How to complete this task: Type out each record word for word. Pictures stay out.

[Items listed in a dataset]
__________
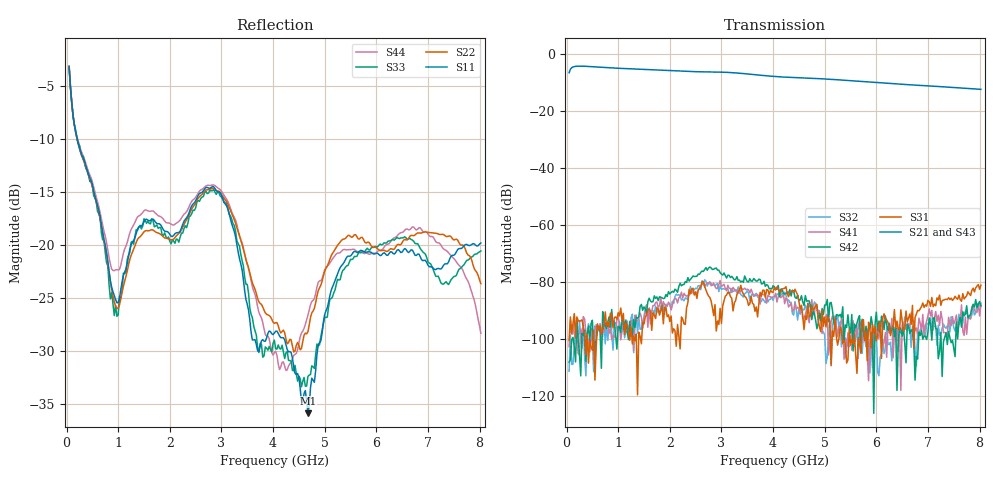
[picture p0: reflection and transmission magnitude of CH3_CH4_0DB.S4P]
!Agilent Technologies,E5071C,MY46316741,A.11.02
!Date: Thu May 28 15:05:39 2026
!Data & Calibration Information:
!1:CH3 INPUT 2:CH3 OUTPUT 3:CH4 INPUT 4:CH4 OUTPUT
!Freq	S11:SOLT4(ON)	S12:SOLT4(ON)	S13:SOLT4(ON)	S14:SOLT4(ON)
!	S21:SOLT4(ON)	S22:SOLT4(ON)	S23:SOLT4(ON)	S24:SOLT4(ON)
!	S31:SOLT4(ON)	S32:SOLT4(ON)	S33:SOLT4(ON)	S34:SOLT4(ON)
!	S41:SOLT4(ON)	S42:SOLT4(ON)	S43:SOLT4(ON)	S44:SOLT4(ON)
!PortZ  Port1:50+j0  Port2:50+j0  Port3:50+j0  Port4:50+j0
!Above PortZ is port z conversion or system Z0 setting when saving the data.
!When reading, reference impedance value at option line is always used.
# Hz S dB R 50
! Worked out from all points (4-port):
!   320 points, 50 MHz to 8.025 GHz, reference 50 ohm
!   strongest paths, dB at 50 MHz, 2.05 GHz, 4.05 GHz, 6.05 GHz, 8.025 GHz:
!     S21: -6.5, -5.8, -7.8, -10.0, -12.3
!     S43: -6.5, -5.8, -7.9, -10.1, -12.5
!     S31: -100.5, -97.9, -82.8, -95.1, -81.1
!     S42: -108.2, -83.3, -82.6, -93.7, -88.4
!     S41: -102.7, -88.1, -84.0, -99.9, -88.1
!     S32: -111.4, -86.8, -85.2, -113.0, -87.4
!   lowest |S11| = -35.9 dB at 4.675 GHz (marker M1), VSWR 1.03, Z = 49 - j1.26 ohm
!   |S11| at or under -10 dB: 206 MHz to end of sweep
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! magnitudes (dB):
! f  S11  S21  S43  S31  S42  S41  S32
! 50 MHz  -3.2  -6.5  -6.5  -100.5  -108.2  -102.7  -111.4
! 925 MHz  -24.8  -4.9  -4.9  -92.5  -93.7  -99.4  -94.5
! 2.85 GHz  -14.5  -6.3  -6.3  -91.8  -75.5  -80.4  -80.9
! 4.125 GHz  -28.6  -7.9  -8.0  -83.2  -85.2  -83.9  -84.9
! 4.675 GHz  -35.9  -8.4  -8.5  -87.5  -86.6  -92.2  -87.5
! 5.425 GHz  -21.2  -9.2  -9.2  -108.5  -96.0  -103.0  -100.2
! 8.025 GHz  -19.8  -12.3  -12.5  -81.1  -88.4  -88.1  -87.4
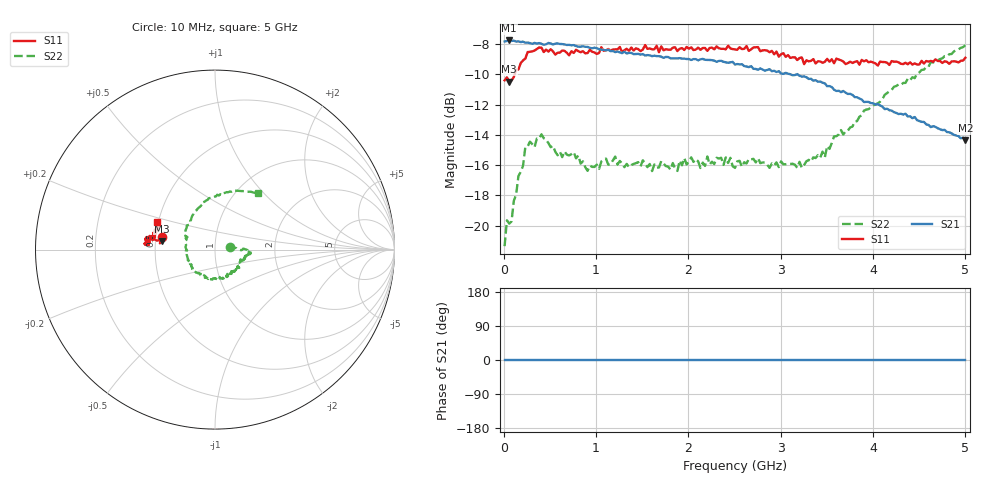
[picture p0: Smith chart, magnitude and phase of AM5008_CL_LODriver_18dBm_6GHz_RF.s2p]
!Keysight Technologies,N5245B,MY58422270,A.16.20.02
!Mixer S2P File: Scalar Mixer Measurement
!Calibration State: On
!Parameters: Stimulus Freq, S11, SC21, SC12, S22
# Hz  S  DB  R  50.0
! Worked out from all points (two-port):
!   201 points, 10 MHz to 5 GHz, reference 50 ohm
!   highest |S21| = -7.76 dB at 59.9 MHz (marker M1); lowest = -14.4 dB at 5 GHz (marker M2)
!   |S21| within 3 dB of the highest: start of sweep to 3.5 GHz
!   lowest |S11| = -10.5 dB at 59.9 MHz (marker M3), VSWR 1.85, Z = 27.1 + j2.85 ohm
!   |S11| at or under -10 dB: start of sweep to 118.7 MHz
!   |S22| runs from -21.4 to -8.1 dB; largest |S21 - S12| = 0.41
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1e7  -10.40 166.0  -7.83 0.0  -200.00 90.0  -21.36 11.0
3.495e7  -10.20 173.5  -7.80 0.0  -200.00 90.0  -19.65 3.8
5.99e7  -10.49 170.8  -7.76 0.0  -200.00 90.0  -19.87 2.9
2.3455e8  -8.96 170.9  -7.91 0.0  -200.00 90.0  -14.80 -0.9
2.8445e8  -8.51 171.4  -7.94 0.0  -200.00 90.0  -14.45 -3.2
4.092e8  -8.24 171.8  -7.98 0.0  -200.00 90.0  -13.96 -4.9
5.8385e8  -8.57 173.4  -7.95 0.0  -200.00 90.0  -15.35 -12.3
8.583e8  -8.47 175.2  -8.14 0.0  -200.00 90.0  -15.75 -19.8
1.68165e9  -8.54 174.3  -8.80 0.0  -200.00 90.0  -16.16 -53.0
1.88125e9  -8.46 174.3  -8.95 0.0  -200.00 90.0  -16.39 -63.3
2.03095e9  -8.21 174.0  -9.05 0.0  -200.00 90.0  -15.49 -74.4
2.13075e9  -8.37 172.7  -9.01 0.0  -200.00 90.0  -16.19 -80.3
2.2056e9  -8.45 172.4  -9.05 0.0  -200.00 90.0  -15.43 -85.4
2.505e9  -8.35 171.9  -9.35 0.0  -200.00 90.0  -16.19 -115.3
2.7545e9  -8.20 170.2  -9.69 0.0  -200.00 90.0  -15.55 -140.0
3.17865e9  -9.06 167.9  -9.98 0.0  -200.00 90.0  -16.18 -173.4
3.3533e9  -8.99 166.9  -10.42 0.0  -200.00 90.0  -15.49 167.6
3.47805e9  -9.17 166.6  -10.60 0.0  -200.00 90.0  -15.48 155.7
3.6527e9  -9.07 164.5  -11.17 0.0  -200.00 90.0  -13.68 139.3
4.17665e9  -9.38 159.9  -12.37 0.0  -200.00 90.0  -11.11 100.2
4.62575e9  -9.11 155.9  -13.49 0.0  -200.00 90.0  -9.18 72.5
5e9  -8.90 154.2  -14.37 0.0  -200.00 90.0  -8.07 52.5
__________
Exercise output:
[picture p0: reflection and transmission magnitude of CH3_CH4_0DB.S4P]
!Agilent Technologies,E5071C,MY46316741,A.11.02
!Date: Thu May 28 15:05:39 2026
!Data & Calibration Information:
!1:CH3 INPUT 2:CH3 OUTPUT 3:CH4 INPUT 4:CH4 OUTPUT
!Freq	S11:SOLT4(ON)	S12:SOLT4(ON)	S13:SOLT4(ON)	S14:SOLT4(ON)
!	S21:SOLT4(ON)	S22:SOLT4(ON)	S23:SOLT4(ON)	S24:SOLT4(ON)
!	S31:SOLT4(ON)	S32:SOLT4(ON)	S33:SOLT4(ON)	S34:SOLT4(ON)
!	S41:SOLT4(ON)	S42:SOLT4(ON)	S43:SOLT4(ON)	S44:SOLT4(ON)
!PortZ  Port1:50+j0  Port2:50+j0  Port3:50+j0  Port4:50+j0
!Above PortZ is port z conversion or system Z0 setting when saving the data.
!When reading, reference impedance value at option line is always used.
# Hz S dB R 50
! Worked out from all points (4-port):
!   320 points, 50 MHz to 8.025 GHz, reference 50 ohm
!   strongest paths, dB at 50 MHz, 2.05 GHz, 4.05 GHz, 6.05 GHz, 8.025 GHz:
!     S21: -6.5, -5.8, -7.8, -10.0, -12.3
!     S43: -6.5, -5.8, -7.9, -10.1, -12.5
!     S31: -100.5, -97.9, -82.8, -95.1, -81.1
!     S42: -108.2, -83.3, -82.6, -93.7, -88.4
!     S41: -102.7, -88.1, -84.0, -99.9, -88.1
!     S32: -111.4, -86.8, -85.2, -113.0, -87.4
!   lowest |S11| = -35.9 dB at 4.675 GHz (marker M1), VSWR 1.03, Z = 49 - j1.26 ohm
!   |S11| at or under -10 dB: 206 MHz to end of sweep
! magnitudes (dB):
! f  S11  S21  S43  S31  S42  S41  S32
! 50 MHz  -3.2  -6.5  -6.5  -100.5  -108.2  -102.7  -111.4
! 925 MHz  -24.8  -4.9  -4.9  -92.5  -93.7  -99.4  -94.5
! 2.85 GHz  -14.5  -6.3  -6.3  -91.8  -75.5  -80.4  -80.9
! 4.125 GHz  -28.6  -7.9  -8.0  -83.2  -85.2  -83.9  -84.9
! 4.675 GHz  -35.9  -8.4  -8.5  -87.5  -86.6  -92.2  -87.5
! 5.425 GHz  -21.2  -9.2  -9.2  -108.5  -96.0  -103.0  -100.2
! 8.025 GHz  -19.8  -12.3  -12.5  -81.1  -88.4  -88.1  -87.4
[picture p0: Smith chart, magnitude and phase of AM5008_CL_LODriver_18dBm_6GHz_RF.s2p]
!Keysight Technologies,N5245B,MY58422270,A.16.20.02
!Mixer S2P File: Scalar Mixer Measurement
!Calibration State: On
!Parameters: Stimulus Freq, S11, SC21, SC12, S22
# Hz  S  DB  R  50.0
! Worked out from all points (two-port):
!   201 points, 10 MHz to 5 GHz, reference 50 ohm
!   highest |S21| = -7.76 dB at 59.9 MHz (marker M1); lowest = -14.4 dB at 5 GHz (marker M2)
!   |S21| within 3 dB of the highest: start of sweep to 3.5 GHz
!   lowest |S11| = -10.5 dB at 59.9 MHz (marker M3), VSWR 1.85, Z = 27.1 + j2.85 ohm
!   |S11| at or under -10 dB: start of sweep to 118.7 MHz
!   |S22| runs from -21.4 to -8.1 dB; largest |S21 - S12| = 0.41
1e7  -10.40 166.0  -7.83 0.0  -200.00 90.0  -21.36 11.0
3.495e7  -10.20 173.5  -7.80 0.0  -200.00 90.0  -19.65 3.8
5.99e7  -10.49 170.8  -7.76 0.0  -200.00 90.0  -19.87 2.9
2.3455e8  -8.96 170.9  -7.91 0.0  -200.00 90.0  -14.80 -0.9
2.8445e8  -8.51 171.4  -7.94 0.0  -200.00 90.0  -14.45 -3.2
4.092e8  -8.24 171.8  -7.98 0.0  -200.00 90.0  -13.96 -4.9
5.8385e8  -8.57 173.4  -7.95 0.0  -200.00 90.0  -15.35 -12.3
8.583e8  -8.47 175.2  -8.14 0.0  -200.00 90.0  -15.75 -19.8
1.68165e9  -8.54 174.3  -8.80 0.0  -200.00 90.0  -16.16 -53.0
1.88125e9  -8.46 174.3  -8.95 0.0  -200.00 90.0  -16.39 -63.3
2.03095e9  -8.21 174.0  -9.05 0.0  -200.00 90.0  -15.49 -74.4
2.13075e9  -8.37 172.7  -9.01 0.0  -200.00 90.0  -16.19 -80.3
2.2056e9  -8.45 172.4  -9.05 0.0  -200.00 90.0  -15.43 -85.4
2.505e9  -8.35 171.9  -9.35 0.0  -200.00 90.0  -16.19 -115.3
2.7545e9  -8.20 170.2  -9.69 0.0  -200.00 90.0  -15.55 -140.0
3.17865e9  -9.06 167.9  -9.98 0.0  -200.00 90.0  -16.18 -173.4
3.3533e9  -8.99 166.9  -10.42 0.0  -200.00 90.0  -15.49 167.6
3.47805e9  -9.17 166.6  -10.60 0.0  -200.00 90.0  -15.48 155.7
3.6527e9  -9.07 164.5  -11.17 0.0  -200.00 90.0  -13.68 139.3
4.17665e9  -9.38 159.9  -12.37 0.0  -200.00 90.0  -11.11 100.2
4.62575e9  -9.11 155.9  -13.49 0.0  -200.00 90.0  -9.18 72.5
5e9  -8.90 154.2  -14.37 0.0  -200.00 90.0  -8.07 52.5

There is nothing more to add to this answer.